Find and copy every line in the records that includes the string "save".

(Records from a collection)
=== Section Start ===
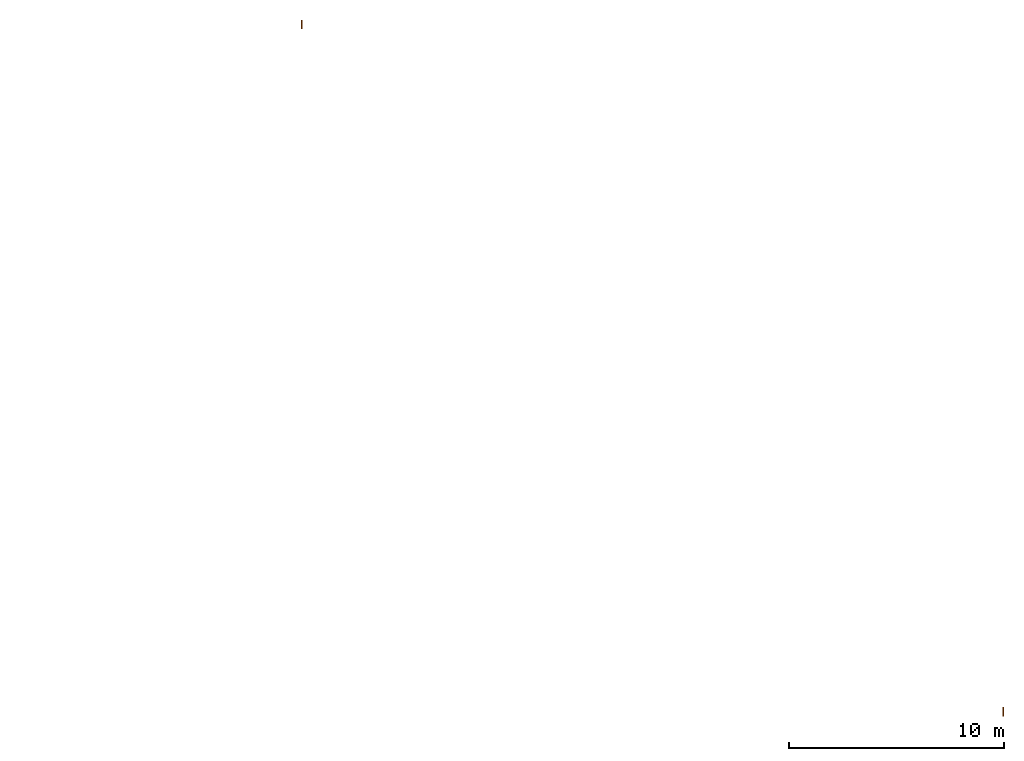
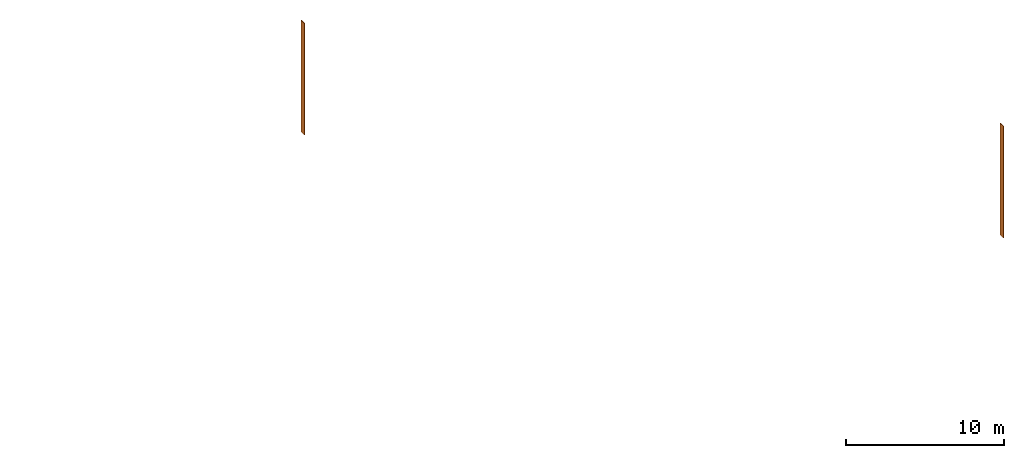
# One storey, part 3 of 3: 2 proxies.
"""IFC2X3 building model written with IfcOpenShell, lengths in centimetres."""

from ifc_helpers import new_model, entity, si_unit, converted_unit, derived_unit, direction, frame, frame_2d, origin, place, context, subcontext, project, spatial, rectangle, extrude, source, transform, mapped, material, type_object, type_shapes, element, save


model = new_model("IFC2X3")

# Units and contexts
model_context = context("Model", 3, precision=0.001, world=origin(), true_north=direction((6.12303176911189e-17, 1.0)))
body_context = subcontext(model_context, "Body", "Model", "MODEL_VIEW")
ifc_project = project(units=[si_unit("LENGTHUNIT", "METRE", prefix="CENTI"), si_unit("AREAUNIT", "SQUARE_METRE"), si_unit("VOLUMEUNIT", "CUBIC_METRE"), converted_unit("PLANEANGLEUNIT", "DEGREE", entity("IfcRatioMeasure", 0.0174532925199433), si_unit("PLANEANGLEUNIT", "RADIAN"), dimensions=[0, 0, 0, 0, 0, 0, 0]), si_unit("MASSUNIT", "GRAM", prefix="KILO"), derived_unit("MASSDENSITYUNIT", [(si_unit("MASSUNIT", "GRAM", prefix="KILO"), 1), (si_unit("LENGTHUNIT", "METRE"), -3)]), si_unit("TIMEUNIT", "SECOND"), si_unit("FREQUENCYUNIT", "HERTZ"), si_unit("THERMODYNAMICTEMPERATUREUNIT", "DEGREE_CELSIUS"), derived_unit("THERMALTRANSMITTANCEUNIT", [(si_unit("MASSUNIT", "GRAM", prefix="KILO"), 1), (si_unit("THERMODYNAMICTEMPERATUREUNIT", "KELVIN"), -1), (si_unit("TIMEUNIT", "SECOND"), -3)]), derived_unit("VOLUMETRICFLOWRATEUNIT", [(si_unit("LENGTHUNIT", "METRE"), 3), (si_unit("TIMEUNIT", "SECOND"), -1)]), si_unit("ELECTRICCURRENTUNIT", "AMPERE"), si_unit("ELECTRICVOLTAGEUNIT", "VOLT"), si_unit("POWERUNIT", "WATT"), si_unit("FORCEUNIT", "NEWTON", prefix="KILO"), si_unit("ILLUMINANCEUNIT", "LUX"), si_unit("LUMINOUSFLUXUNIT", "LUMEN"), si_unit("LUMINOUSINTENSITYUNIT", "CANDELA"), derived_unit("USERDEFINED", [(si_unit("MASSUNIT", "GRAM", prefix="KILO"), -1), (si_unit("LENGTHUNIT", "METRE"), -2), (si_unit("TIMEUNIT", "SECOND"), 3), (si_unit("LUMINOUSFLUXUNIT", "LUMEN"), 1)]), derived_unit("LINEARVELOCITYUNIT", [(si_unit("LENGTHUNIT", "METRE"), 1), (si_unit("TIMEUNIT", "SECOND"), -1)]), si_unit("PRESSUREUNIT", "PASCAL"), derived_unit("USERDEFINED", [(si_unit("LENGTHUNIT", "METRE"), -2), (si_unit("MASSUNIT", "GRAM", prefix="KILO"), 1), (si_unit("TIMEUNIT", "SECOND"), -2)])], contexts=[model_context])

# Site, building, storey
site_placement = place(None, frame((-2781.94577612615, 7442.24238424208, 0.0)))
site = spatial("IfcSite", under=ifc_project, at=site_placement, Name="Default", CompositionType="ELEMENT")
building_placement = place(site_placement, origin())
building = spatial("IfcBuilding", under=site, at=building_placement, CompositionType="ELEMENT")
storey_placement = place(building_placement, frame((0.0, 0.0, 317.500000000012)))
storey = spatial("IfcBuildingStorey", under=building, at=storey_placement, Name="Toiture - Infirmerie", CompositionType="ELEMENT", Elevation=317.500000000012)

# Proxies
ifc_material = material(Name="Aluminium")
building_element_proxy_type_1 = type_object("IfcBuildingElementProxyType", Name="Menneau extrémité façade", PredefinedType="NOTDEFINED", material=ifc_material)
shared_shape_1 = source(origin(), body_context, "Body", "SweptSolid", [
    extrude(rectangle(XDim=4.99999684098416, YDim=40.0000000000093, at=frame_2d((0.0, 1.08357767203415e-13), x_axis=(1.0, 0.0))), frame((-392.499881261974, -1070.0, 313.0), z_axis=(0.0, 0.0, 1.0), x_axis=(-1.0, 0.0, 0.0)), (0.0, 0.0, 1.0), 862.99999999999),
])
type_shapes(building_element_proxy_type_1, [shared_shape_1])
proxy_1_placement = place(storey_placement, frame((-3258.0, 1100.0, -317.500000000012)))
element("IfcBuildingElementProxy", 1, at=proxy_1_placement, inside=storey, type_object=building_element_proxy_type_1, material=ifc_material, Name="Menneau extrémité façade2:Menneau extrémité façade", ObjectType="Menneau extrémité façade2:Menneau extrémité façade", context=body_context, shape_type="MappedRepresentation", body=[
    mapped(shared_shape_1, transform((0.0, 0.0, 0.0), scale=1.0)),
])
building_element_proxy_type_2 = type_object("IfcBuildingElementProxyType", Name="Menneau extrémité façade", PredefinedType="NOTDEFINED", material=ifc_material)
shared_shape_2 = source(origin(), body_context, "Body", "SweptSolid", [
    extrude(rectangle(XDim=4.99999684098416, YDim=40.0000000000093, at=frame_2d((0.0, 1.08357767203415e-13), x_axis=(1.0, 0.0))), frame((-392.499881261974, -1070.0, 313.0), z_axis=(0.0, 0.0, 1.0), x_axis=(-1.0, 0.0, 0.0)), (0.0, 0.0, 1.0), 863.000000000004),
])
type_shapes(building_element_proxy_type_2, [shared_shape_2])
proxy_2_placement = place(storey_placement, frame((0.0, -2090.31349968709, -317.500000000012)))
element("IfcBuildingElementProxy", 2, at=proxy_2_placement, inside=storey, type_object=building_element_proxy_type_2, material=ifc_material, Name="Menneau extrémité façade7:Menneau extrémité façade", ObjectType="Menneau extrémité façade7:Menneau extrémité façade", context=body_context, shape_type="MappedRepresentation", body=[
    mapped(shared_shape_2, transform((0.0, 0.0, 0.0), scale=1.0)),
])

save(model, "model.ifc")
=== Section End ===
• _Exercise solution_
from ifc_helpers import new_model, entity, si_unit, converted_unit, derived_unit, direction, frame, frame_2d, origin, place, context, subcontext, project, spatial, rectangle, extrude, source, transform, mapped, material, type_object, type_shapes, element, save
save(model, "model.ifc")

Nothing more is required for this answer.